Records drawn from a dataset
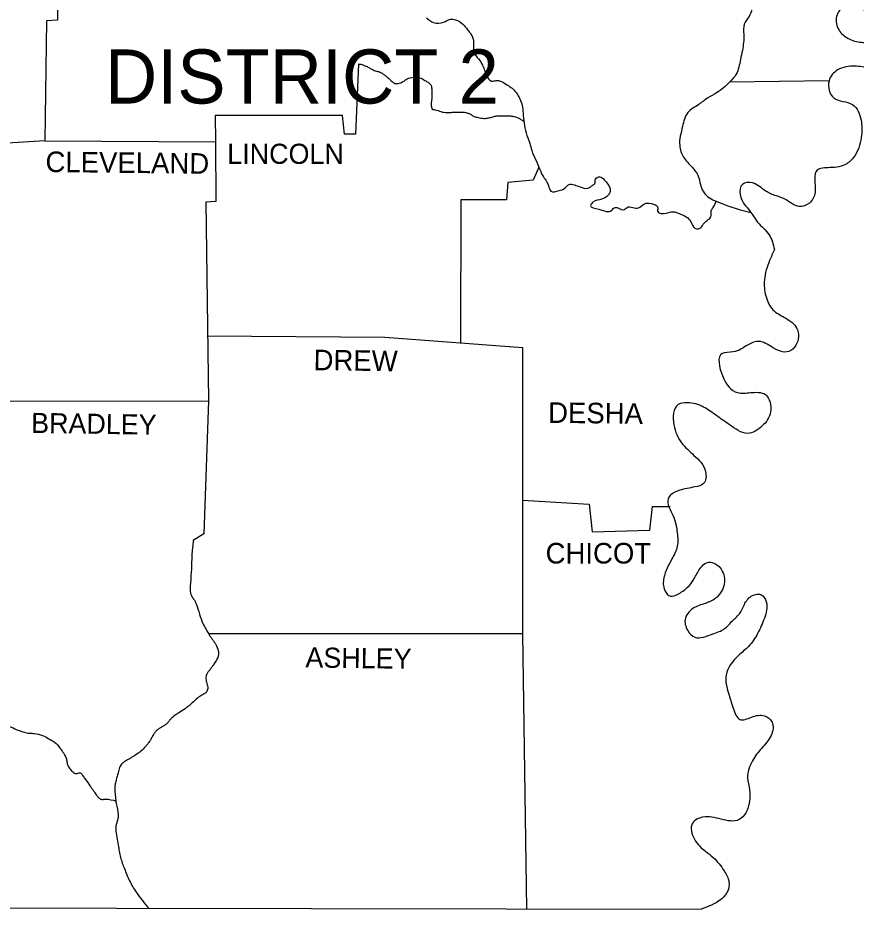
# Model space of a CAD drawing. Extents: x 1720274 to 1751788, y 372074 to 391887.
# Drawn here: x 1747309 to 1749152, y 384835 to 386795 of the extents above; entities that cross this region are included whole.
import ezdxf

# ---------------------------------------------------------------- set-up
doc = ezdxf.new("R2010")
doc.units = 0
doc.layers.add('1', color=7, linetype='Continuous')
doc.layers.add('Default', color=7, linetype='Continuous')

msp = doc.modelspace()

# ---------------------------------------------------------------- linework, layer by layer
at = {"layer": '1'}
for points in [[(1747368.5, 386524.1), (1747214.6, 386514.6)], [(1747368.5, 386524.1), (1747743.5, 386521.9)], [(1747743.5, 386521.9), (1747744.3, 386390.4), (1747722.1, 386389.3), (1747728.5, 385952.5)], [(1748844.3, 386391.4), (1748867.8, 386382.2), (1748894.8, 386372.8), (1748920.5, 386366.2)], [(1747728.5, 385952.5), (1747717.9, 385659.8), (1747694.8, 385645.1)], [(1744951.6, 385692.5), (1744953.7, 384840.9), (1748811.6, 384834.5)]]:
    msp.add_lwpolyline(points, dxfattribs=at)
for points in [[(1749697.9, 387677.8), (1749673.7, 387647.2), (1749637.9, 387666.2), (1749637.9, 387691.5), (1749643.2, 387717.8), (1749630.6, 387734.6), (1749608.5, 387727.2), (1749608.5, 387694.6), (1749606.4, 387663), (1749600, 387617.8), (1749614.8, 387604.1), (1749648.5, 387599.9), (1749672.7, 387593.6), (1749687.4, 387569.3), (1749686.4, 387539.9), (1749674.8, 387511.5), (1749657.9, 387488.3), (1749631.6, 387479.9), (1749610.6, 387493.6), (1749602.1, 387520.9), (1749592.7, 387545.1), (1749574.8, 387563), (1749555.8, 387543), (1749551.6, 387506.2), (1749552.7, 387474.6), (1749552.7, 387431.5), (1749580, 387403), (1749596.9, 387370.4), (1749591.6, 387340.9), (1749571.6, 387306.2), (1749563.2, 387275.7), (1749554.8, 387234.6), (1749555.8, 387189.3), (1749548.5, 387145.1), (1749533.7, 387115.7), (1749506.4, 387091.4), (1749488.5, 387075.7), (1749473.7, 387059.9), (1749466.4, 387028.3), (1749461.1, 387006.2), (1749441.1, 386979.9), (1749425.3, 386977.8), (1749412.7, 386988.3), (1749408.5, 387006.2), (1749408.5, 387024.1), (1749400, 387042), (1749373.7, 387049.3), (1749352.7, 387048.3), (1749343.2, 387033.5), (1749356.9, 386992.5), (1749362.1, 386966.2), (1749354.8, 386930.4), (1749359, 386926.2), (1749321.1, 386906.2), (1749290.6, 386903), (1749265.3, 386895.6), (1749241.1, 386879.9), (1749229.5, 386856.7), (1749212.7, 386837.8), (1749197.9, 386819.9), (1749177.9, 386811.4), (1749155.8, 386815.6), (1749126.4, 386818.8), (1749109.5, 386797.8), (1749114.8, 386767.2), (1749134.8, 386749.3), (1749164.2, 386740.9), (1749194.8, 386743), (1749224.3, 386746.2), (1749251.6, 386731.4), (1749246.4, 386703), (1749220, 386689.3), (1749181.1, 386685.1), (1749149.5, 386688.3), (1749111.6, 386679.9), (1749092.7, 386655.6), (1749103.2, 386618.8), (1749144.3, 386604.1), (1749163.2, 386569.3), (1749164.2, 386536.7), (1749150.6, 386493.5), (1749131.6, 386473.5), (1749094.8, 386465.1), (1749066.4, 386459.8), (1749062.1, 386411.4), (1749049.5, 386387.2), (1749027.4, 386379.8), (1748995.8, 386395.6), (1748976.9, 386403), (1748953.7, 386413.5), (1748924.3, 386431.4), (1748902.1, 386428.3), (1748908.5, 386382), (1748910.6, 386379.8), (1748935.8, 386345.1), (1748961.1, 386317.7), (1748972.7, 386285.1)], [(1748607.4, 387338.8), (1748610.6, 387295.7), (1748635.8, 387289.3), (1748646.4, 387277.8), (1748651.6, 387253.6), (1748669.5, 387243), (1748693.7, 387228.3), (1748708.5, 387217.8), (1748719, 387200.9), (1748725.3, 387173.5), (1748742.1, 387155.7), (1748765.3, 387147.2), (1748782.1, 387127.2), (1748792.7, 387098.8), (1748809.5, 387086.2), (1748826.4, 387064.1), (1748834.8, 387054.6), (1748849.5, 387029.3), (1748864.3, 387016.7), (1748874.8, 387009.3), (1748891.6, 387004.1), (1748912.7, 386990.4), (1748926.4, 386969.3), (1748926.4, 386953.5), (1748921.1, 386929.3), (1748916.9, 386904.1), (1748914.8, 386875.6), (1748912.7, 386850.4), (1748922.1, 386829.3), (1748916.9, 386797.8), (1748906.4, 386780.9), (1748905.3, 386757.7), (1748902.1, 386723), (1748897.9, 386703), (1748888.5, 386670.4), (1748874.8, 386653.5)], [(1748874.8, 386653.5), (1748845.3, 386629.3), (1748826.4, 386618.8), (1748806.4, 386604.1), (1748782.1, 386586.2), (1748770.6, 386555.6), (1748764.3, 386513.5), (1748772.7, 386488.3), (1748791.6, 386466.2), (1748804.2, 386448.3), (1748813.7, 386416.7), (1748836.9, 386394.6), (1748844.3, 386391.4)], [(1748972.7, 386285.1), (1748962.1, 386260.9), (1748950.6, 386218.8), (1748953.7, 386183), (1748969.5, 386152.5), (1748994.8, 386135.6), (1749022.1, 386111.4), (1749020, 386074.6), (1749004.3, 386060.9), (1748967.4, 386070.4), (1748939, 386083), (1748914.8, 386075.6), (1748882.1, 386059.8), (1748857.9, 386056.7), (1748859, 386006.2), (1748891.6, 385970.4), (1748920, 385970.4), (1748952.7, 385966.2), (1748964.2, 385928.3), (1748945.3, 385896.7), (1748913.7, 385880.9), (1748873.7, 385899.8), (1748845.3, 385919.8), (1748816.9, 385938.8), (1748781.1, 385948.3), (1748761.1, 385944), (1748751.6, 385899.8), (1748768.5, 385859.8), (1748795.8, 385832.5), (1748821.1, 385796.7), (1748816.9, 385770.4), (1748797.9, 385763), (1748764.3, 385755.6), (1748744.2, 385745.1), (1748739, 385736.7), (1748749.5, 385700.9), (1748759, 385661.9), (1748759, 385632.5), (1748747.4, 385605.1), (1748729.5, 385563), (1748731.6, 385535.6), (1748744.2, 385523), (1748760, 385527.2), (1748781.1, 385541.9), (1748794.8, 385558.8), (1748806.4, 385579.8), (1748828.5, 385597.7), (1748855.8, 385581.9), (1748862.1, 385549.3), (1748846.4, 385520.9), (1748824.3, 385508.2), (1748796.9, 385497.7), (1748776.9, 385474.6), (1748782.1, 385447.2), (1748797.9, 385432.5), (1748836.9, 385439.8), (1748863.2, 385451.4), (1748877.9, 385466.1), (1748895.8, 385484), (1748905.3, 385501.9), (1748919, 385520.9), (1748943.2, 385526.1), (1748954.8, 385510.3), (1748950.6, 385474.6), (1748935.8, 385440.9), (1748915.8, 385412.5), (1748893.7, 385392.5), (1748866.4, 385349.3), (1748871.6, 385309.3), (1748882.1, 385276.7), (1748896.9, 385251.4), (1748922.1, 385256.7), (1748950.6, 385259.8), (1748967.4, 385246.1), (1748965.3, 385216.7), (1748944.2, 385188.2), (1748924.3, 385160.9), (1748913.7, 385123), (1748917.9, 385096.7), (1748917.9, 385072.4), (1748909.5, 385046.1), (1748894.8, 385031.4), (1748855.8, 385032.4), (1748814.8, 385036.7), (1748792.7, 385024), (1748796.9, 384988.2), (1748821.1, 384961.9), (1748837.9, 384948.2), (1748862.1, 384918.8), (1748872.7, 384894.5), (1748869.5, 384873.5), (1748854.8, 384855.6), (1748811.6, 384834.5)], [(1747694.8, 385645.1), (1747691.6, 385612.5), (1747690.6, 385581.9), (1747688.5, 385552.5), (1747687.9, 385541.4), (1747687.9, 385535.9), (1747688.5, 385530.3), (1747690.6, 385524), (1747694.2, 385518.1), (1747698.1, 385512.3), (1747701.1, 385506.1), (1747708.5, 385483), (1747715.8, 385463), (1747730.6, 385436.7), (1747733.8, 385431.6), (1747737.4, 385426.7), (1747740.9, 385421.8), (1747744.3, 385416.7), (1747749.6, 385402.5), (1747750.1, 385395.1), (1747748.5, 385388.2), (1747740, 385373.5), (1747736.2, 385367.9), (1747732.1, 385362.4), (1747728, 385357), (1747724.3, 385351.4), (1747722.5, 385341.8), (1747724.7, 385330.8), (1747726.5, 385320.1), (1747723.2, 385311.4), (1747721, 385309.5), (1747718.7, 385307.8), (1747713.8, 385304.9), (1747708.9, 385302), (1747704.2, 385298.8), (1747692.3, 385288), (1747686.3, 385282.7), (1747680, 385277.7), (1747666.4, 385268.2), (1747651.6, 385258.8), (1747647.3, 385255), (1747643.5, 385250.6), (1747639.8, 385246.1), (1747635.8, 385241.9), (1747630.2, 385237.8), (1747624.1, 385234.3), (1747618, 385230.6), (1747612.7, 385226.1), (1747608, 385220), (1747604.1, 385213.1), (1747600.3, 385206.2), (1747595.8, 385199.8), (1747591.5, 385194.5), (1747587, 385189.2), (1747576.9, 385179.8), (1747561.1, 385169.3), (1747555.6, 385165.9), (1747550, 385162.7), (1747541.7, 385157.6), (1747539, 385155.6), (1747535.2, 385151.3), (1747532.7, 385146.1), (1747529.5, 385134.6), (1747526.7, 385124.8), (1747524.2, 385115.1), (1747522.5, 385105.4), (1747522.1, 385095.6), (1747523.4, 385081.4), (1747525.3, 385067.2), (1747529.5, 385041.9), (1747529, 385034), (1747526.9, 385026.1), (1747524.7, 385018.2), (1747524.3, 385010.3), (1747529.5, 384975.6), (1747534.8, 384948.2), (1747543.2, 384924), (1747554.8, 384896.6), (1747561.6, 384883.8), (1747569.5, 384871.4), (1747582.7, 384853.4), (1747597.2, 384836.5)]]:
    msp.add_spline(points, degree=3, dxfattribs=at)
at = {"layer": 'Default'}
msp.add_line((1748874.8, 386653.6), (1749093.1, 386656.9), dxfattribs=at)
for points in [[(1747402.2, 387216.7), (1747395.8, 386789.3), (1747371.6, 386788.3), (1747368.5, 386524.1)], [(1748057.9, 386693.5), (1748051.6, 386538.8), (1748027.4, 386538.8), (1748023.2, 386579.9), (1747743.2, 386579.9), (1747743.5, 386521.9)], [(1748454.8, 386466.2), (1748442.1, 386437.7), (1748386.4, 386432.5), (1748383.2, 386394.6), (1748283.2, 386394.6), (1748282.1, 386079.8)], [(1747725.3, 386095.6), (1748115.8, 386092.5), (1748419, 386069.3)], [(1748419, 386069.3), (1748419, 385439.8), (1748427.4, 384835.2)], [(1747252.7, 385951.4), (1747728.5, 385952.5)], [(1748419, 385733.8), (1748565.3, 385725.1), (1748571.6, 385664), (1748699, 385668.2), (1748704.3, 385719.8), (1748743.6, 385719.8)], [(1747727.9, 385440.9), (1748419, 385440.9)]]:
    msp.add_lwpolyline(points, dxfattribs=at)
for points in [[(1748207.4, 386794.6), (1748223.2, 386784.1), (1748245.3, 386785.1), (1748260, 386791.4), (1748271.6, 386790.4), (1748287.4, 386780.9), (1748297.9, 386768.3), (1748305.3, 386758.8), (1748310.6, 386744.1), (1748310.6, 386730.4), (1748315.8, 386711.4), (1748322.1, 386704.1), (1748330.6, 386690.4), (1748335.8, 386677.7), (1748339, 386669.3), (1748350.6, 386655.6), (1748361.1, 386656.7), (1748370.6, 386655.6), (1748383.2, 386648.3), (1748402.1, 386633.5), (1748405.3, 386629.3), (1748417.9, 386602), (1748420, 386585.1), (1748422.1, 386563), (1748426.4, 386542), (1748434.8, 386518.8), (1748439, 386503), (1748448.5, 386480.9), (1748454.8, 386466.2), (1748463.2, 386447.2), (1748475.8, 386426.2), (1748481.1, 386413.5), (1748499, 386414.6), (1748511.6, 386419.8), (1748521.1, 386428.3), (1748532.7, 386427.2), (1748545.3, 386423), (1748562.1, 386419.8), (1748572.7, 386426.2), (1748577.9, 386430.4), (1748579, 386439.8), (1748588.5, 386445.1), (1748599, 386437.7), (1748610.6, 386420.9), (1748610.6, 386410.4), (1748606.4, 386404.1), (1748592.7, 386395.6), (1748573.7, 386389.3), (1748568.5, 386382), (1748586.4, 386373.5), (1748614.8, 386371.4), (1748622.1, 386377.7), (1748641.1, 386372.5), (1748648.5, 386377.7), (1748673.7, 386376.7), (1748685.3, 386385.1), (1748708.5, 386384.1), (1748715.8, 386378.8), (1748715.8, 386369.3), (1748734.8, 386365.1), (1748748.5, 386368.3), (1748766.4, 386363), (1748782.1, 386354.6), (1748790.6, 386343), (1748801.1, 386330.4), (1748810.6, 386333.5), (1748817.9, 386343), (1748833.7, 386359.8), (1748833.7, 386370.4), (1748837.9, 386377.7), (1748844.3, 386391.4)], [(1748057.9, 386693.5), (1748062.8, 386692.5), (1748067.6, 386691.1), (1748076.9, 386687.2), (1748080.4, 386685.4), (1748083.8, 386683.5), (1748087.1, 386681.6), (1748090.6, 386679.9), (1748095, 386678.2), (1748099.6, 386676.9), (1748104.1, 386675.5), (1748108.5, 386673.5), (1748114.4, 386669.5), (1748120, 386665.1), (1748124, 386661.7), (1748127.9, 386658.1), (1748131.7, 386654.6), (1748133.7, 386652.9), (1748135.8, 386651.4), (1748140.2, 386649.9), (1748145.1, 386650.2), (1748150.1, 386651.7), (1748154.8, 386653.5), (1748158.2, 386655.5), (1748161.5, 386657.9), (1748164.8, 386660.3), (1748168.5, 386662), (1748182.1, 386664.1), (1748192.7, 386663), (1748204.2, 386656.7), (1748211.1, 386652.8), (1748214.3, 386650.4), (1748215.6, 386649), (1748216.3, 386648.1), (1748216.9, 386647.2), (1748218.9, 386640.5), (1748219, 386637), (1748219, 386633.5), (1748219, 386617.7), (1748219, 386595.6), (1748219.8, 386594.1), (1748221.7, 386593.3), (1748226.4, 386592.5), (1748239.4, 386588.4), (1748252.7, 386586.2), (1748257.1, 386586.3), (1748261.6, 386586.6), (1748266.1, 386587), (1748270.6, 386587.2), (1748279, 386587.4), (1748287.4, 386587.2), (1748294.3, 386586.2), (1748297.7, 386585.2), (1748301.1, 386584.1), (1748304.1, 386582.6), (1748306.9, 386580.8), (1748309.7, 386579.1), (1748312.7, 386577.7), (1748321.1, 386575.6), (1748333.7, 386573.5), (1748344.3, 386574.6), (1748348.7, 386575.7), (1748353.2, 386577.1), (1748357.6, 386578.3), (1748362.1, 386578.8), (1748372.7, 386578.8), (1748389.5, 386578.8), (1748394.8, 386578.5), (1748397.4, 386578.1), (1748400, 386577.7), (1748411.3, 386573.6), (1748416.6, 386570.3), (1748421.7, 386566.8)], [(1746645.3, 385401.9), (1746662.1, 385413.5), (1746677.9, 385419.8), (1746685.8, 385418.5), (1746689.7, 385417.5), (1746693.7, 385416.7), (1746710.6, 385414.6), (1746714.3, 385414.7), (1746717.9, 385415.5), (1746721.6, 385416.3), (1746725.3, 385416.7), (1746744.3, 385413.5), (1746748.5, 385411.4), (1746752.3, 385408.9), (1746756.1, 385406.3), (1746760, 385404), (1746768.7, 385399.3), (1746777.9, 385396.7), (1746795.8, 385396.7), (1746811.6, 385396.7), (1746815.4, 385395.3), (1746818.6, 385392.3), (1746821.7, 385389.1), (1746825.3, 385387.2), (1746831.5, 385386.3), (1746838, 385386.1), (1746844.4, 385386.7), (1746850.6, 385388.2), (1746855.8, 385390.3), (1746861.1, 385392.5), (1746866.3, 385394.7), (1746871.6, 385396.7), (1746892.7, 385403), (1746899.8, 385405.1), (1746907.1, 385407), (1746914.3, 385407.6), (1746917.7, 385407.2), (1746921.1, 385406.1), (1746934.2, 385398), (1746946.4, 385388.2), (1746955.4, 385381), (1746964.2, 385373.5), (1746979, 385356.7), (1746981.9, 385352.1), (1746984.2, 385347.2), (1746986.6, 385342.4), (1746989.5, 385337.7), (1747001.1, 385327.2), (1747005.7, 385324.8), (1747010.4, 385322.8), (1747020, 385319.8), (1747034.8, 385316.7), (1747052.7, 385311.4), (1747057.8, 385310), (1747060.1, 385308.9), (1747062.1, 385307.2), (1747065.1, 385302.5), (1747067.1, 385297.4), (1747068.7, 385292.2), (1747070.6, 385287.2), (1747072, 385283.7), (1747073.2, 385280.3), (1747075.6, 385273.4), (1747078.9, 385266.5), (1747081.3, 385263.2), (1747082.7, 385261.5), (1747084.3, 385259.8), (1747090.6, 385254.6), (1747097.2, 385251.1), (1747103.9, 385249.6), (1747110.6, 385250.3), (1747118.7, 385253.2), (1747126.8, 385256.6), (1747135, 385260.1), (1747143.2, 385263), (1747169.5, 385270.3), (1747188.5, 385276.7), (1747200, 385280.9), (1747202.6, 385281.4), (1747205.3, 385281.4), (1747208, 385281.5), (1747210.6, 385281.9), (1747210.7, 385282.1), (1747210.4, 385282.3), (1747209, 385282.9), (1747207.6, 385283.5), (1747207.3, 385283.8), (1747207.4, 385284), (1747210.4, 385285.5), (1747213.7, 385286.7), (1747220, 385287.2), (1747223.1, 385286), (1747226.2, 385284.1), (1747231.6, 385278.8), (1747233.6, 385275.9), (1747235.3, 385272.9), (1747237.1, 385270), (1747239, 385267.2), (1747251.6, 385250.3), (1747257.1, 385242.9), (1747260, 385239.3), (1747263.2, 385235.6), (1747265.8, 385233.5), (1747268.7, 385231.9), (1747271.8, 385230.9), (1747274.8, 385230.3), (1747277.7, 385231.3), (1747280.5, 385233.7), (1747283.4, 385236.1), (1747286.4, 385236.7), (1747302.1, 385231.4), (1747315.8, 385226.1), (1747331.6, 385221.9), (1747335, 385221.5), (1747338.4, 385221.3), (1747341.9, 385221.2), (1747345.3, 385220.9), (1747363.2, 385216.7), (1747376.9, 385209.3), (1747389.5, 385201.9), (1747402.1, 385188.2), (1747414.8, 385167.2), (1747416.2, 385163.1), (1747416.9, 385158.9), (1747417.6, 385154.5), (1747419, 385150.3), (1747425.2, 385140.9), (1747429.3, 385137), (1747433.7, 385133.5), (1747437.1, 385132.9), (1747440.9, 385133.8), (1747444.6, 385134.6), (1747447.4, 385133.5), (1747452.5, 385126.7), (1747457.5, 385119.9), (1747467.4, 385106.1), (1747474.8, 385095.6), (1747481.6, 385085.5), (1747485.6, 385080.8), (1747487.9, 385078.6), (1747490.6, 385076.7), (1747493.3, 385075.8), (1747496.3, 385076), (1747499.2, 385076.6), (1747502.1, 385076.7), (1747524.6, 385072.4)]]:
    msp.add_spline(points, degree=3, dxfattribs=at)

# ---------------------------------------------------------------- texts
for s, height, p in [('DISTRICT 2', 118.95, (1747500.5, 386606.1)), ('LINCOLN', 44.21, (1747769.5, 386473.5)), ('CHICOT', 45.27, (1748469.5, 385594.6))]:
    msp.add_text(s, height=height, dxfattribs=at).set_placement(p)
for s, height, rotation, p in [('CLEVELAND', 45.27, 359.3376, (1747369.5, 386455.6)), ('DREW', 45.26, 359.2258, (1747959, 386019.8)), ('DESHA', 45.26, 359.3704, (1748474.8, 385904)), ('BRADLEY', 44.2, 359.1449, (1747337.9, 385881.9)), ('ASHLEY', 44.22, 359.2361, (1747941.1, 385366.1))]:
    msp.add_text(s, height=height, rotation=rotation, dxfattribs=at).set_placement(p)

doc.saveas('drawing.dxf')

• **WORK REQUEST**:
Out of the records, collect only those lines that contain the string "dxfattribs".

• **SOLUTION FOR THIS TASK**:
    msp.add_lwpolyline(points, dxfattribs=at)
    msp.add_spline(points, degree=3, dxfattribs=at)
msp.add_line((1748874.8, 386653.6), (1749093.1, 386656.9), dxfattribs=at)
    msp.add_lwpolyline(points, dxfattribs=at)
    msp.add_spline(points, degree=3, dxfattribs=at)
    msp.add_text(s, height=height, dxfattribs=at).set_placement(p)
    msp.add_text(s, height=height, rotation=rotation, dxfattribs=at).set_placement(p)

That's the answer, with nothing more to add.